Hydrodynamic attractor and the fate of perturbative expansions in Gubser flow

Perturbative expansions, such as the well-known gradient series and the recently proposed slow-roll expansion, have been recently used to investigate the emergence of hydrodynamic behavior in systems undergoing Bjorken flow. In this paper we determine for the first time the large order behavior of these perturbative expansions in relativistic hydrodynamics in the case of Gubser flow. While both series diverge, the slow-roll series can provide a much better overall description of the system's dynamics than the gradient expansion when both series are truncated at low orders. The truncated slow-roll series can also describe the attractor solution of Gubser flow as long as the system is sufficiently close to equilibrium near the origin (i.e., \(\rho=0\)) in \(dS_3 \otimes \mathbb{R}\).

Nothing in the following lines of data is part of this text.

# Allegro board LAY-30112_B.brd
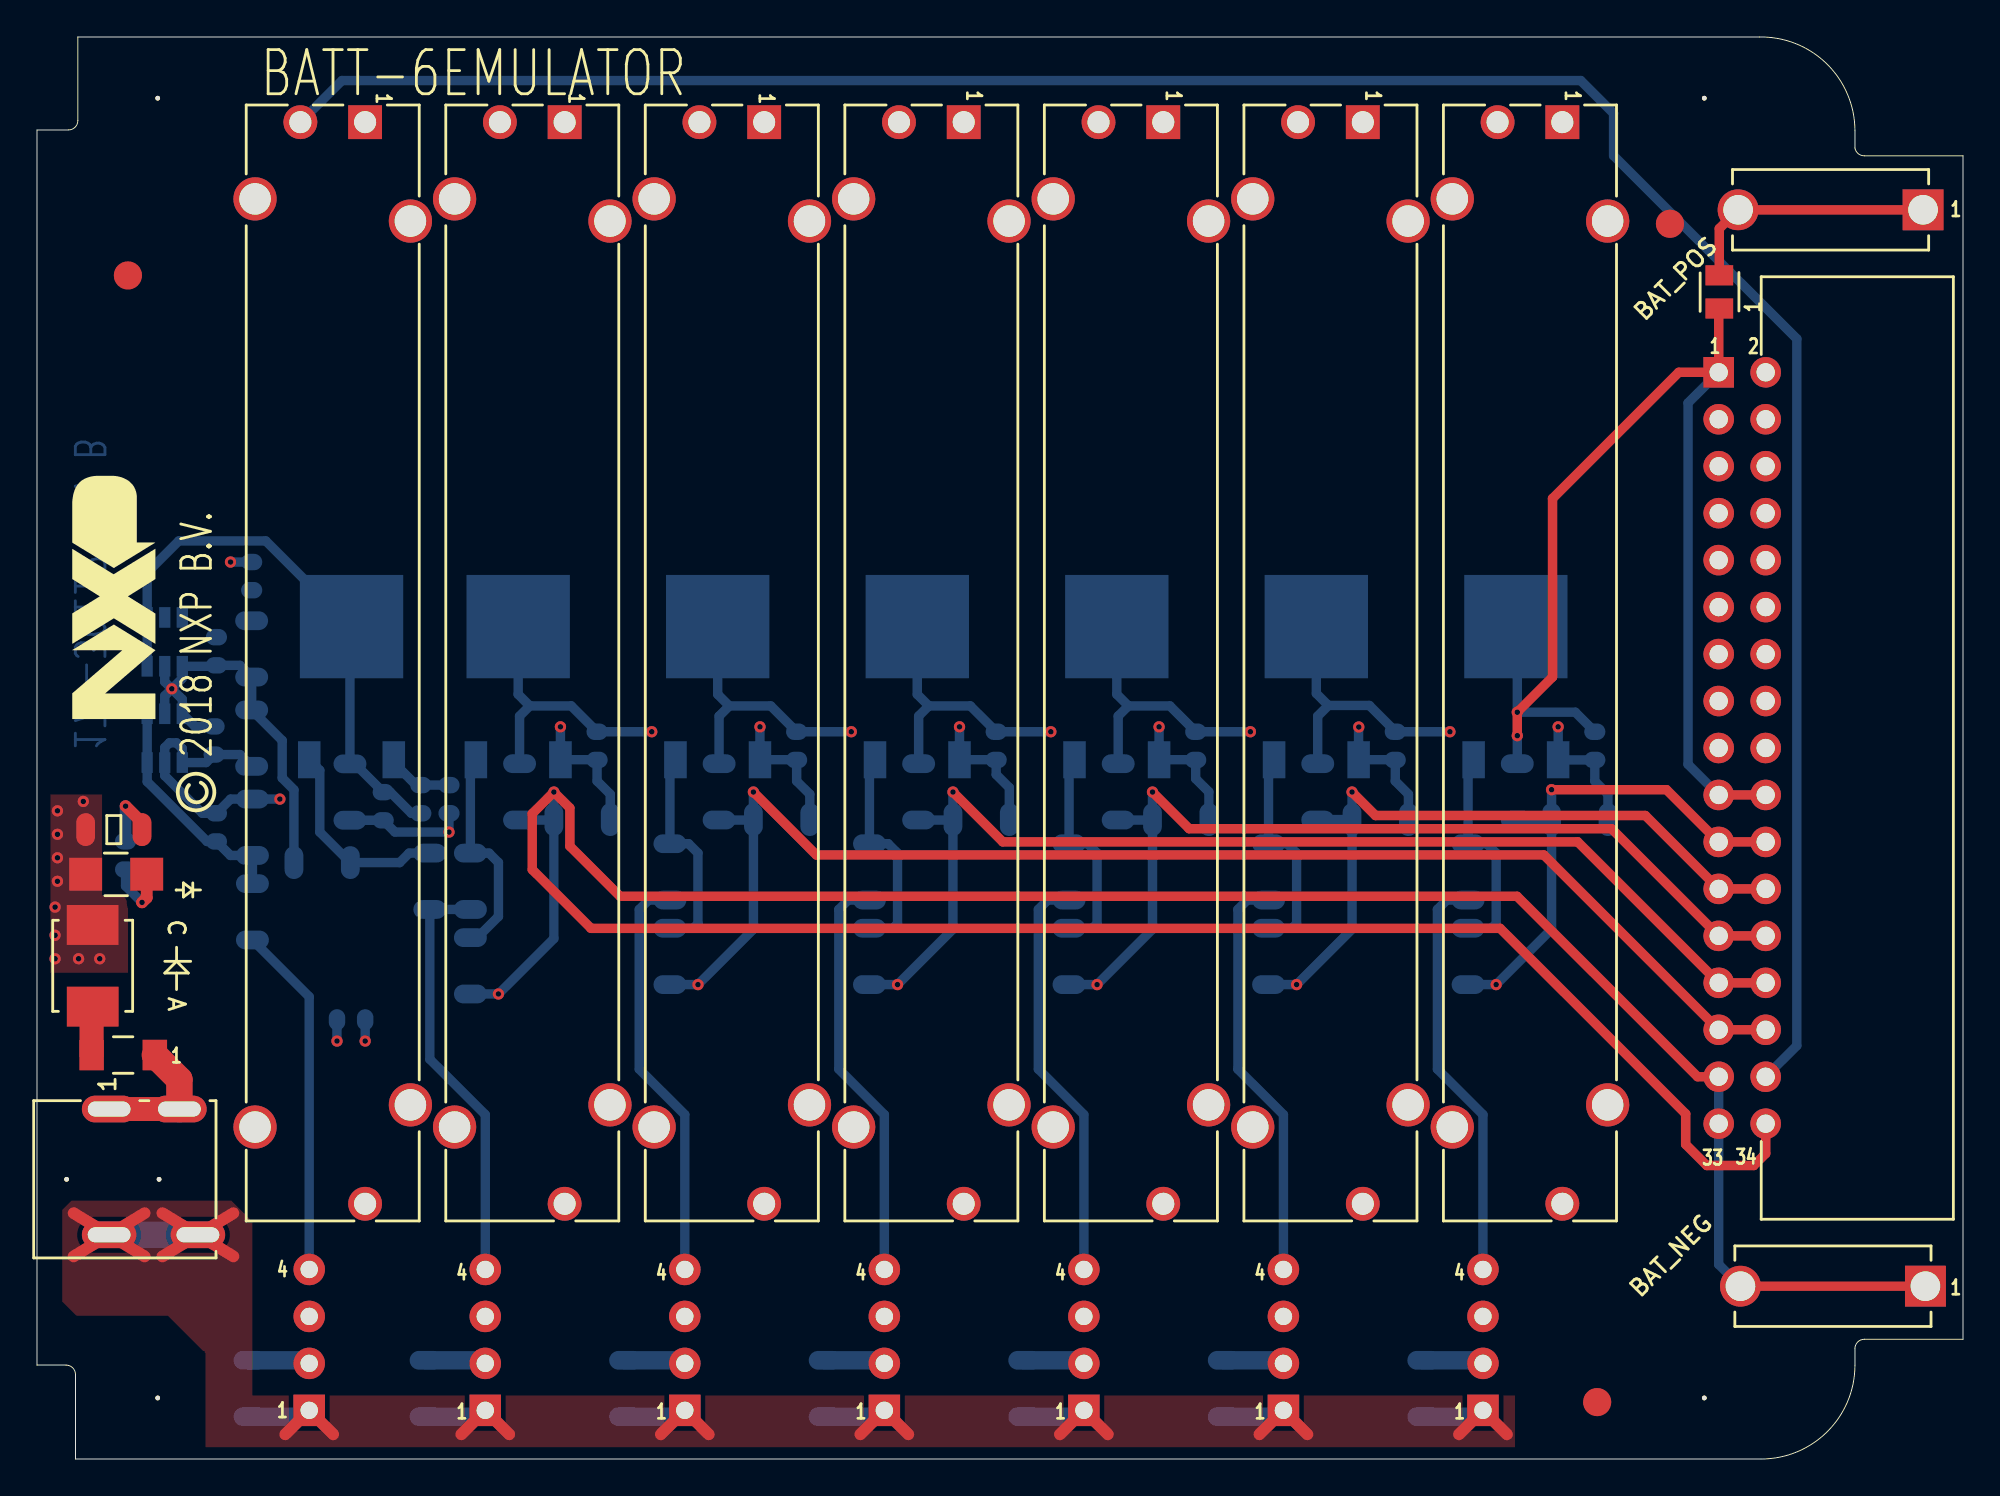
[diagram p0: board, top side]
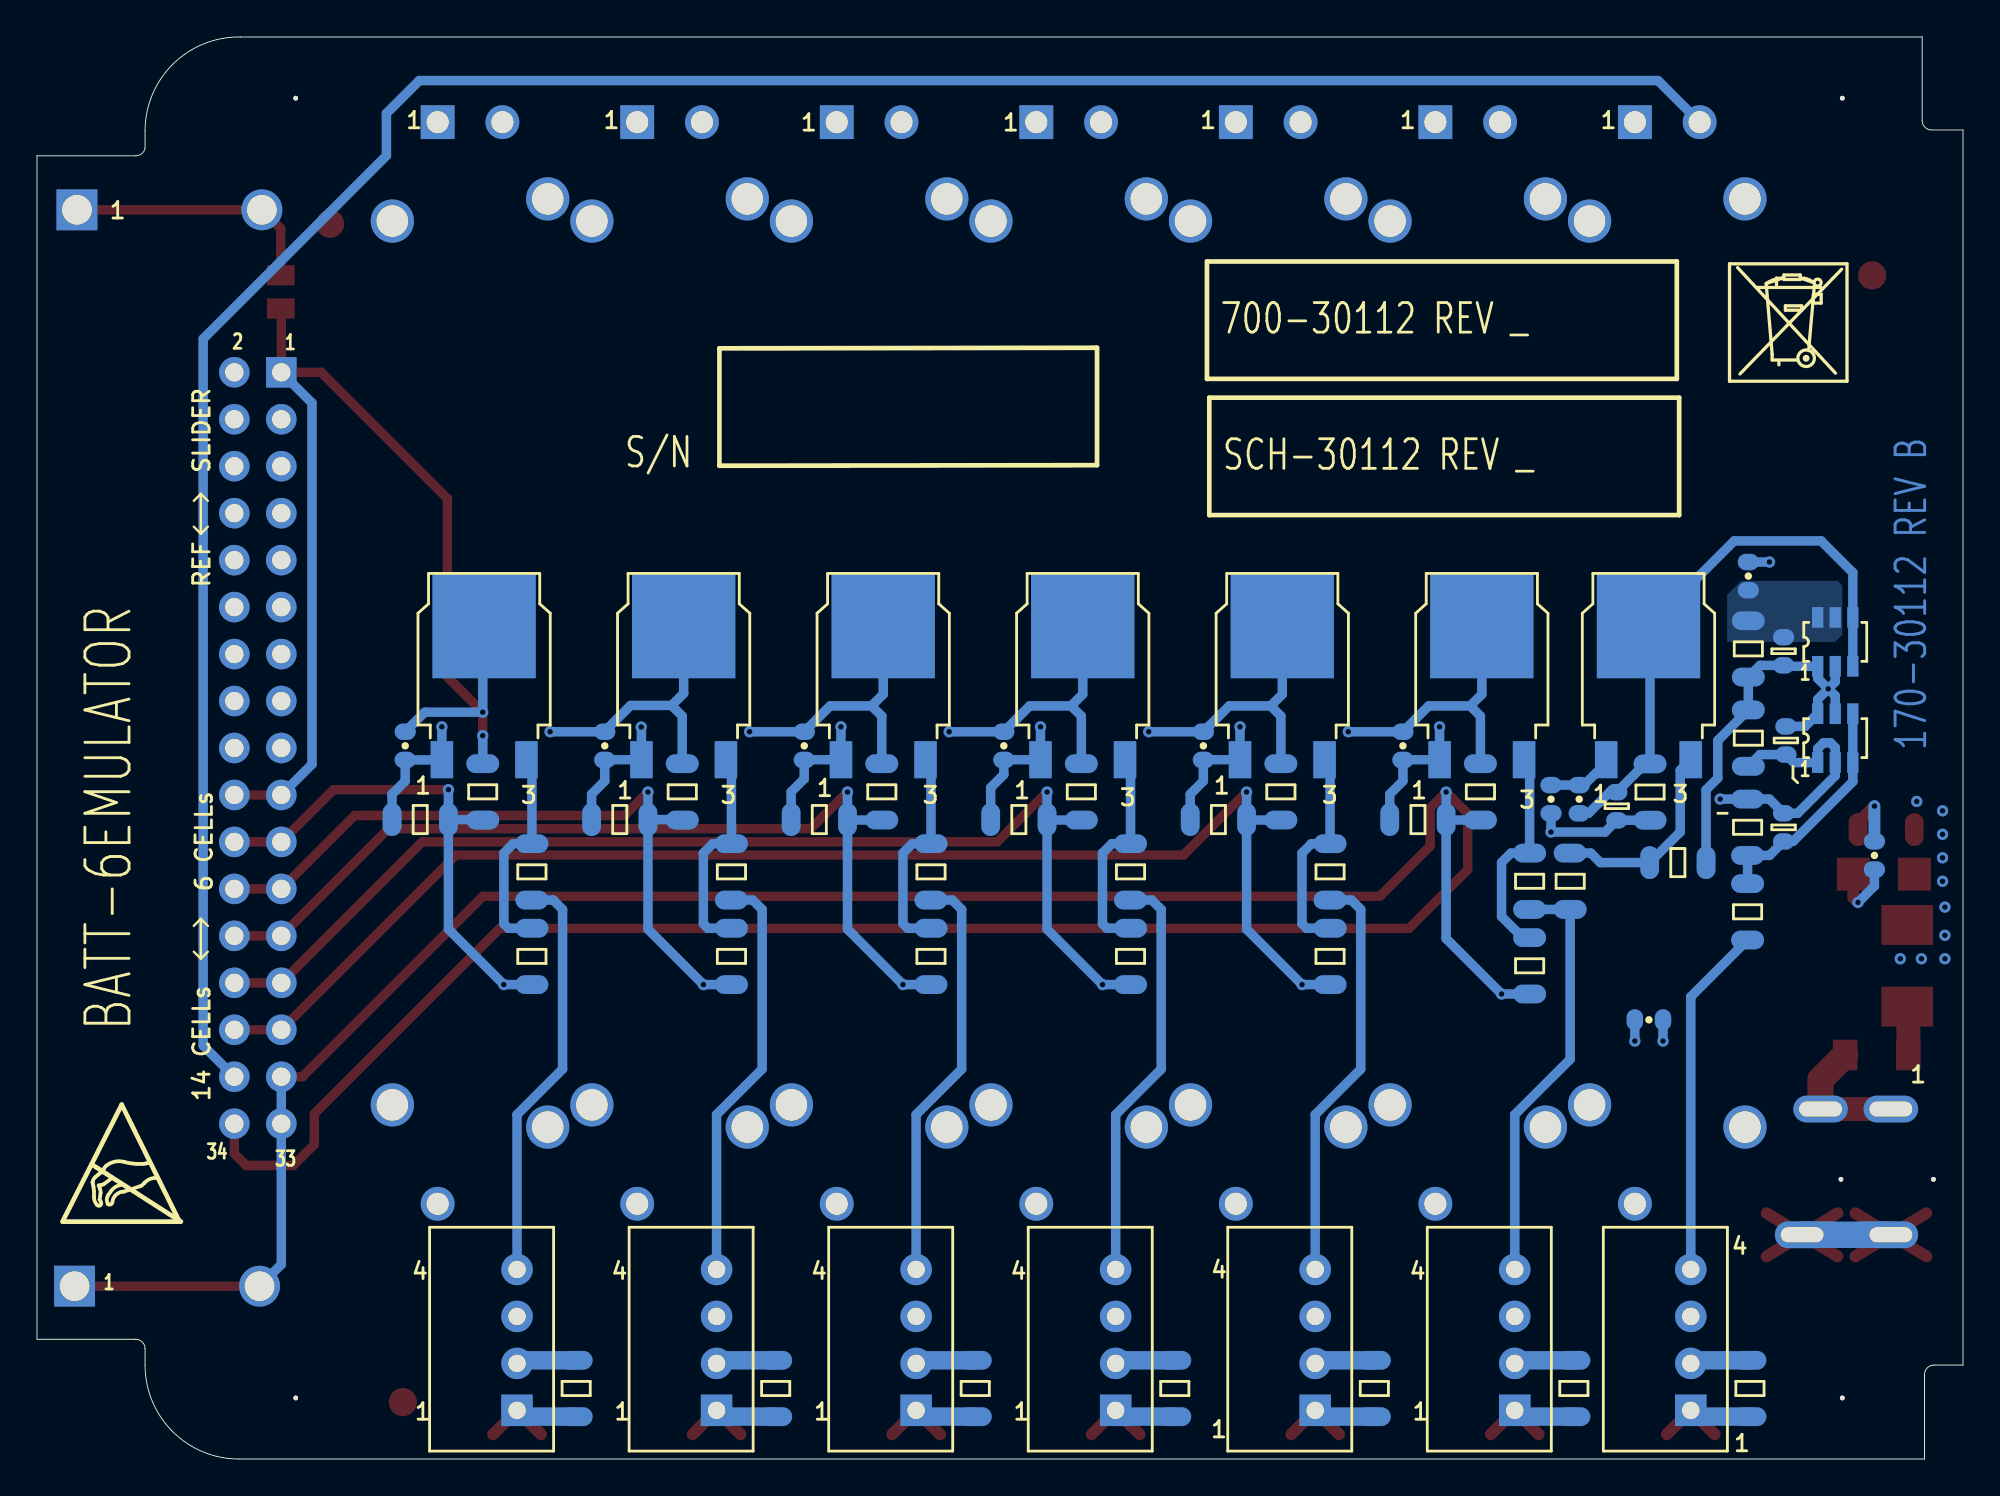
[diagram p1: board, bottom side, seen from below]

Outline 104.13 x 76.91 mm; copper layers: TOP, L2_SIG1, L3_SIG2, BOTTOM. Coordinates in mm from the lower left corner of the outline.
Outline path: 0,71.88 0,5.08 1.57,5.08 arc(1.93,4.93) 2.08,4.57 2.08,0 93.2,0 arc(96.8,1.49) 98.28,5.08 98.28,5.97 arc(98.43,6.33) 98.79,6.48 104.13,6.48 104.13,70.49 98.78,70.49 arc(98.46,70.6) 98.28,70.9 98.28,71.83 arc(96.77,75.46) 93.12,76.91 2.21,76.91 2.21,72.39 arc(2.06,72.03) 1.7,71.88 0,71.88

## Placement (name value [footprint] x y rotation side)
C29  1UF  [CC1206_OV]  29.47 34.59 180 bottom
C30  10uF  [CC1206_OV]  23.43 26.68 270 bottom
C31  100uF  [CC1206_OV]  26.09 36.08 270 bottom
C32  10uF  [CC1206_OV]  21.04 3.82 270 bottom
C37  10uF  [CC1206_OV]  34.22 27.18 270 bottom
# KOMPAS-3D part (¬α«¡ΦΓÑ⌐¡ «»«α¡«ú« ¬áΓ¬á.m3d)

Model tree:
1. Эскиз:1
2. Операция выдавливания:1
     Расстояние 1 = 1.5
3. Скругление:1
     Радиус = 1
4. Эскиз:2
5. Операция выдавливания:2
     Расстояние 1 = 1.5
6. Скругление:3
     Радиус = 0.2
7. Эскиз:3
8. Вырезать элемент выдавливания:1
     Расстояние 1 = 1.5; Угол 1 = 8
9. Скругление:4
     Радиус = 0.1
10. Эскиз:4
11. Отверстие:1
12. Скругление:5
     Радиус = 0.1
13. Эскиз:5
14. Операция выдавливания:3
     Расстояние 1 = 0.8
15. Скругление:6
     Радиус = 0.1

Referenced files in C:\Program Files\ASCON\KOMPAS-3D V13 Home\Sys\: holelib.lfr
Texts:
  кронштейн опорного катка
  Сплав АЛ8  ГОСТ 1583-93
  Отверстие 01
  (вариант 1)

Differently than the case of Bjorken flow, here we show that the Gubser flow attractor solution is not solely a function of the effective Knudsen number \(\tau_R \sqrt{\sigma_{\mu\nu}\sigma^{\mu\nu}} \sim \tau_R\, \tanh\rho\). Our results give further support to the idea that new \emph{resummed} constitutiv relations between dissipative currents and the gradients of conserved quantities can emerge in systems far from equilibrium that are beyond the regime of validity of the usual gradient expansion.